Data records
<<<<
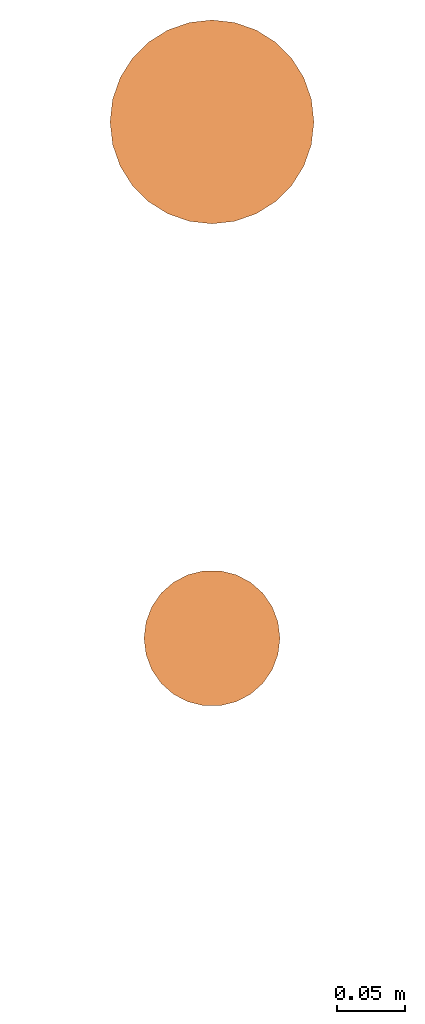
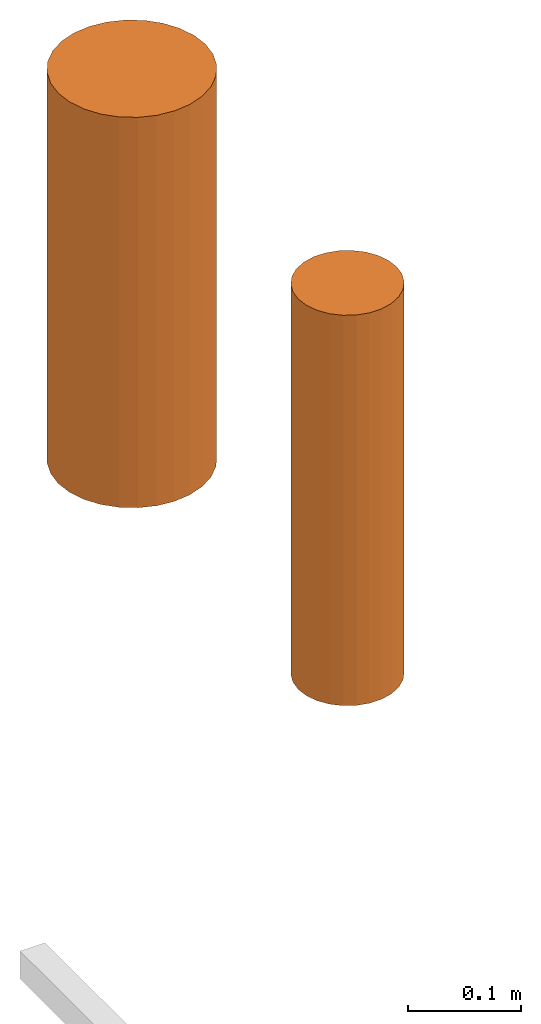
# One storey, part 5 of 5: 2 proxies.
"""IFC2X3 building model written with IfcOpenShell, lengths in millimetres."""

import ifcopenshell
import ifcopenshell.guid

model = None  # the IFC model being written
_history = None  # IfcOwnerHistory: only IFC2X3 demands one
_inside = {}  # id of a spatial element -> (the spatial element, [elements in it])
_under = {}  # id of a project, library or spatial element -> (it, [spatial elements below it])
_declared = {}  # id of a project -> (the project, [libraries it declares])
_typed = {}  # id of a type object -> (the type object, [elements of that type])
_made_of = {}  # id of a material, layer set ... -> (it, [elements and type objects made of it])


def new_model(schema):
    """Start an empty IFC model of exactly this schema.

    Asked for "IFC4X3", IfcOpenShell would pick the latest addendum, in which some entities
    have other attributes; the version numbers below select the first issue.
    IFC2X3 requires an IfcOwnerHistory on every rooted entity: one is made here for all.
    """
    global model, _history
    if schema == "IFC4X3":
        model = ifcopenshell.file(schema_version=(4, 3, 0, 0))
    else:
        model = ifcopenshell.file(schema=schema)
    _inside.clear()
    _under.clear()
    _declared.clear()
    _typed.clear()
    _made_of.clear()
    _history = None
    if model.schema == "IFC2X3":
        org = make("IfcOrganization", Name="unknown")
        user = make(
            "IfcPersonAndOrganization",
            ThePerson=make("IfcPerson", FamilyName="unknown"),
            TheOrganization=org,
        )
        app = make(
            "IfcApplication",
            ApplicationDeveloper=org,
            Version="unknown",
            ApplicationFullName="unknown",
            ApplicationIdentifier="unknown",
        )
        _history = make(
            "IfcOwnerHistory",
            OwningUser=user,
            OwningApplication=app,
            ChangeAction="ADDED",
            CreationDate=0,
        )
    return model


def make(cls, **values):
    """One entity of the class cls with the attributes given. An attribute that is None is left unset."""
    return model.create_entity(
        cls, **{name: value for name, value in values.items() if value is not None}
    )


def entity(cls, *values):
    """Any entity or typed value of the class cls, its attributes in the order of the schema. None: left unset."""
    e = model.create_entity(cls)
    for i, value in enumerate(values):
        if value is not None:
            e[i] = value
    return e


def rooted(cls, **values):
    """An entity with a GlobalId (a new one), such as an element, a storey or a relation."""
    return make(cls, GlobalId=ifcopenshell.guid.new(), OwnerHistory=_history, **values)


def si_unit(unit_type, name, prefix=None):
    """IfcSIUnit, for example si_unit("LENGTHUNIT", "METRE", prefix="MILLI")."""
    return make("IfcSIUnit", UnitType=unit_type, Prefix=prefix, Name=name)


def converted_unit(unit_type, name, factor, base, dimensions=None, offset=None):
    """IfcConversionBasedUnit, such as the inch: factor (a typed value) times the base unit."""
    return make(
        "IfcConversionBasedUnit"
        if offset is None
        else "IfcConversionBasedUnitWithOffset",
        ConversionOffset=offset,
        Dimensions=None
        if dimensions is None
        else entity("IfcDimensionalExponents", *dimensions),
        UnitType=unit_type,
        Name=name,
        ConversionFactor=make(
            "IfcMeasureWithUnit", ValueComponent=factor, UnitComponent=base
        ),
    )


def derived_unit(unit_type, elements):
    """IfcDerivedUnit: a product of units, each with its exponent."""
    return make(
        "IfcDerivedUnit",
        Elements=[
            make("IfcDerivedUnitElement", Unit=unit, Exponent=power)
            for unit, power in elements
        ],
        UnitType=unit_type,
    )


def assignment(units):
    """IfcUnitAssignment: the units of a project."""
    return None if units is None else make("IfcUnitAssignment", Units=units)


def point(xyz):
    """IfcCartesianPoint."""
    return None if xyz is None else make("IfcCartesianPoint", Coordinates=xyz)


def direction(xyz):
    """IfcDirection."""
    return None if xyz is None else make("IfcDirection", DirectionRatios=xyz)


def frame(location, z_axis=None, x_axis=None):
    """IfcAxis2Placement3D, a coordinate frame: its origin and axes. An axis left out is left unset."""
    return make(
        "IfcAxis2Placement3D",
        Location=point(location),
        Axis=direction(z_axis),
        RefDirection=direction(x_axis),
    )


def frame_2d(location, x_axis=None):
    """IfcAxis2Placement2D, a coordinate frame in the plane: its origin and x axis."""
    return make(
        "IfcAxis2Placement2D", Location=point(location), RefDirection=direction(x_axis)
    )


def origin_with_axes():
    """The frame at (0, 0, 0) with the z axis (0, 0, 1) and the x axis (1, 0, 0) written out."""
    return frame((0.0, 0.0, 0.0), z_axis=(0.0, 0.0, 1.0), x_axis=(1.0, 0.0, 0.0))


def origin_2d_with_axis():
    """The frame at (0, 0) in the plane with the x axis (1, 0) written out."""
    return frame_2d((0.0, 0.0), x_axis=(1.0, 0.0))


def place(relative_to, where):
    """IfcLocalPlacement: puts the frame where relative to a parent placement (None: the world)."""
    return make(
        "IfcLocalPlacement", PlacementRelTo=relative_to, RelativePlacement=where
    )


def context(
    kind, dimensions, precision=None, world=None, true_north=None, identifier=None
):
    """IfcGeometricRepresentationContext, for example the 3D "Model" context."""
    return make(
        "IfcGeometricRepresentationContext",
        ContextIdentifier=identifier,
        ContextType=kind,
        CoordinateSpaceDimension=dimensions,
        Precision=precision,
        WorldCoordinateSystem=world,
        TrueNorth=true_north,
    )


def subcontext(parent, identifier, kind, view, scale=None):
    """IfcGeometricRepresentationSubContext, for example "Body" below "Model"."""
    return make(
        "IfcGeometricRepresentationSubContext",
        ContextIdentifier=identifier,
        ContextType=kind,
        ParentContext=parent,
        TargetScale=scale,
        TargetView=view,
    )


def project(units=None, contexts=None):
    """IfcProject with its units and contexts."""
    return rooted(
        "IfcProject",
        Name="project",
        RepresentationContexts=contexts,
        UnitsInContext=assignment(units),
    )


def spatial(cls, under=None, at=None, **own):
    """A site, building, storey or space (cls), placed at a placement, below another one or the project."""
    s = rooted(cls, ObjectPlacement=at, **own)
    if under is not None:
        _under.setdefault(under.id(), (under, []))[1].append(s)
    return s


def profile(cls, at=None, kind="AREA", **sizes):
    """A parametric profile (cls). Its sizes go by their IFC names, for example OverallWidth=200.0."""
    return make(cls, ProfileType=kind, Position=at, **sizes)


def circle(**sizes):
    """IfcCircleProfileDef."""
    return profile("IfcCircleProfileDef", **sizes)


def extrude(swept, where, along, depth):
    """IfcExtrudedAreaSolid: the profile swept, set in the frame where, extruded along a direction by depth."""
    return make(
        "IfcExtrudedAreaSolid",
        SweptArea=swept,
        Position=where,
        ExtrudedDirection=direction(along),
        Depth=depth,
    )


def shape(context_of_items, identifier, shape_type, items):
    """IfcShapeRepresentation: the items that make up one representation, for example the "Body"."""
    return make(
        "IfcShapeRepresentation",
        ContextOfItems=context_of_items,
        RepresentationIdentifier=identifier,
        RepresentationType=shape_type,
        Items=items,
    )


def source(mapping_origin, context_of_items, identifier, shape_type, items):
    """IfcRepresentationMap: a shape defined once, which mapped items show again and again."""
    return make(
        "IfcRepresentationMap",
        MappingOrigin=mapping_origin,
        MappedRepresentation=shape(context_of_items, identifier, shape_type, items),
    )


def transform(
    local_origin,
    x_axis=None,
    y_axis=None,
    z_axis=None,
    scale=None,
    scale2=None,
    scale3=None,
    uniform=True,
):
    """IfcCartesianTransformationOperator3D, or its non-uniform kind. x_axis, y_axis, z_axis: its Axis1, 2, 3."""
    if uniform:
        return make(
            "IfcCartesianTransformationOperator3D",
            Axis1=direction(x_axis),
            Axis2=direction(y_axis),
            LocalOrigin=point(local_origin),
            Scale=scale,
            Axis3=direction(z_axis),
        )
    return make(
        "IfcCartesianTransformationOperator3DnonUniform",
        Axis1=direction(x_axis),
        Axis2=direction(y_axis),
        LocalOrigin=point(local_origin),
        Scale=scale,
        Axis3=direction(z_axis),
        Scale2=scale2,
        Scale3=scale3,
    )


def mapped(mapping_source, mapping_target):
    """IfcMappedItem: shows the shape of a source again, moved by a transform."""
    return make(
        "IfcMappedItem", MappingSource=mapping_source, MappingTarget=mapping_target
    )


def made_of(thing, what):
    """Note that an element or type object is made of a material, layer set ...; save() writes the relation."""
    if what is not None:
        _made_of.setdefault(what.id(), (what, []))[1].append(thing)
    return thing


def element(
    cls,
    number,
    at=None,
    inside=None,
    cuts=None,
    type_object=None,
    material=None,
    context=None,
    identifier="Body",
    shape_type=None,
    held_by="IfcProductDefinitionShape",
    body=None,
    shapes=None,
    **own,
):
    """One element of the class cls, such as IfcWall. Its Tag is "e" and its number.

    at: its placement. inside: the storey or other place that contains it. cuts: it is an
    opening in that element (IfcRelVoidsElement). A single representation is given by context,
    identifier, shape_type and body (its items); several are given by shapes. held_by: the class
    of the entity that holds the representations. save() writes the other relations.
    """
    e = rooted(cls, Tag="e%d" % number, ObjectPlacement=at, **own)
    if body is not None:
        shapes = [shape(context, identifier, shape_type, body)]
    if shapes is not None:
        e.Representation = make(held_by, Representations=shapes)
    if inside is not None:
        _inside.setdefault(inside.id(), (inside, []))[1].append(e)
    if cuts is not None:
        rooted(
            "IfcRelVoidsElement", RelatingBuildingElement=cuts, RelatedOpeningElement=e
        )
    if type_object is not None:
        _typed.setdefault(type_object.id(), (type_object, []))[1].append(e)
    return made_of(e, material)


def aggregate(whole, parts):
    """IfcRelAggregates: a whole, such as a stair, and the parts it consists of."""
    return rooted("IfcRelAggregates", RelatingObject=whole, RelatedObjects=parts)


def save(model, path):
    """Write the relations noted so far, then the file.

    IfcRelAggregates (storeys below a building ...), IfcRelContainedInSpatialStructure (elements
    in a storey), IfcRelDefinesByType, IfcRelAssociatesMaterial and IfcRelDeclares: one each for
    every whole, place, type object, material and project.
    """
    for whole, parts in _under.values():
        aggregate(whole, parts)
    for where, things in _inside.values():
        rooted(
            "IfcRelContainedInSpatialStructure",
            RelatedElements=things,
            RelatingStructure=where,
        )
    for kind, things in _typed.values():
        rooted("IfcRelDefinesByType", RelatedObjects=things, RelatingType=kind)
    for what, things in _made_of.values():
        rooted("IfcRelAssociatesMaterial", RelatedObjects=things, RelatingMaterial=what)
    for by, libraries in _declared.values():
        rooted("IfcRelDeclares", RelatingContext=by, RelatedDefinitions=libraries)
    model.write(path)


model = new_model("IFC2X3")

# Units and contexts
model_context = context("Model", 3, precision=0.01, world=frame((0.0, 4.29681676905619e-09, 0.0)), true_north=direction((4.01073788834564e-13, 1.0)))
plan_context = context("Plan", 3, precision=0.01, world=frame((0.0, 4.29681676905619e-09, 0.0)), true_north=direction((4.01073788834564e-13, 1.0)))
body_context = subcontext(model_context, "Body", "Model", "MODEL_VIEW")
ifc_project = project(units=[converted_unit("PLANEANGLEUNIT", "DEGREE", entity("IfcPositiveLengthMeasure", 0.0174532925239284), si_unit("PLANEANGLEUNIT", "RADIAN"), dimensions=[0, 0, 0, 0, 0, 0, 0]), si_unit("AREAUNIT", "SQUARE_METRE"), si_unit("LENGTHUNIT", "METRE", prefix="MILLI"), si_unit("MASSUNIT", "GRAM", prefix="KILO"), si_unit("POWERUNIT", "WATT"), si_unit("PRESSUREUNIT", "PASCAL"), si_unit("FORCEUNIT", "NEWTON", prefix="KILO"), si_unit("ELECTRICCURRENTUNIT", "AMPERE"), si_unit("THERMODYNAMICTEMPERATUREUNIT", "DEGREE_CELSIUS"), si_unit("TIMEUNIT", "SECOND"), si_unit("VOLUMEUNIT", "CUBIC_METRE"), derived_unit("LINEARVELOCITYUNIT", [(si_unit("LENGTHUNIT", "METRE"), 1), (si_unit("TIMEUNIT", "SECOND"), -1)]), derived_unit("VOLUMETRICFLOWRATEUNIT", [(si_unit("VOLUMEUNIT", "CUBIC_METRE"), 1), (si_unit("TIMEUNIT", "SECOND"), -1)]), derived_unit("THERMALTRANSMITTANCEUNIT", [(si_unit("POWERUNIT", "WATT"), 1), (si_unit("THERMODYNAMICTEMPERATUREUNIT", "KELVIN"), -1), (si_unit("AREAUNIT", "SQUARE_METRE"), -1)])], contexts=[model_context, plan_context])

# Site, building, storey
site_placement = place(None, frame((0.0, -4.29681676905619e-09, 0.0), z_axis=(0.0, 0.0, 1.0), x_axis=(1.0, 0.0, 0.0)))
site = spatial("IfcSite", under=ifc_project, at=site_placement, Name="ENGM", CompositionType="ELEMENT")
building_placement = place(site_placement, frame((0.0, 4.29681676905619e-09, 0.0), z_axis=(0.0, 0.0, 1.0), x_axis=(1.0, 0.0, 0.0)))
building = spatial("IfcBuilding", under=site, at=building_placement, Name="TS", CompositionType="ELEMENT")
storey_placement = place(building_placement, frame((0.0, 0.0, 200300.0), z_axis=(0.0, 0.0, 1.0), x_axis=(1.0, 0.0, 0.0)))
storey = spatial("IfcBuildingStorey", under=building, at=storey_placement, Name="Nivå C", CompositionType="ELEMENT", Elevation=200300.0)

# Proxies
shared_shape_1 = source(origin_with_axes(), body_context, "Body", "SweptSolid", [
    extrude(circle(Radius=50.0, at=origin_2d_with_axis()), frame((0.0, 0.0, 0.0), z_axis=(1.0, 0.0, 0.0), x_axis=(0.0, 1.0, 0.0)), (0.0, 0.0, 1.0), 420.0),
])
proxy_1_placement = place(storey_placement, frame((518325.0, 420105.0, 3090.0), z_axis=(0.0, 1.0, 0.0), x_axis=(0.0, 0.0, 1.0)))
element("IfcBuildingElementProxy", 1, at=proxy_1_placement, inside=storey, Name="MagiCAD_ProvisionForVoid", ObjectType="ProvisionForVoid", CompositionType="ELEMENT", context=body_context, shape_type="MappedRepresentation", body=[
    mapped(shared_shape_1, transform((0.0, 0.0, 0.0), scale=1.0)),
])
shared_shape_2 = source(origin_with_axes(), body_context, "Body", "SweptSolid", [
    extrude(circle(Radius=75.0, at=origin_2d_with_axis()), frame((0.0, 0.0, 0.0), z_axis=(1.0, 0.0, 0.0), x_axis=(0.0, 1.0, 0.0)), (0.0, 0.0, 1.0), 420.0),
])
proxy_2_placement = place(storey_placement, frame((518325.0, 420485.0, 3090.0), z_axis=(0.0, 1.0, 0.0), x_axis=(0.0, 0.0, 1.0)))
element("IfcBuildingElementProxy", 2, at=proxy_2_placement, inside=storey, Name="MagiCAD_ProvisionForVoid", ObjectType="ProvisionForVoid", CompositionType="ELEMENT", context=body_context, shape_type="MappedRepresentation", body=[
    mapped(shared_shape_2, transform((0.0, 0.0, 0.0), scale=1.0)),
])

save(model, "model.ifc")
>>>>
- **Work order**
After reading the records above, give the number of lines that include "location", and add nothing else.

- **Finished exercise**
4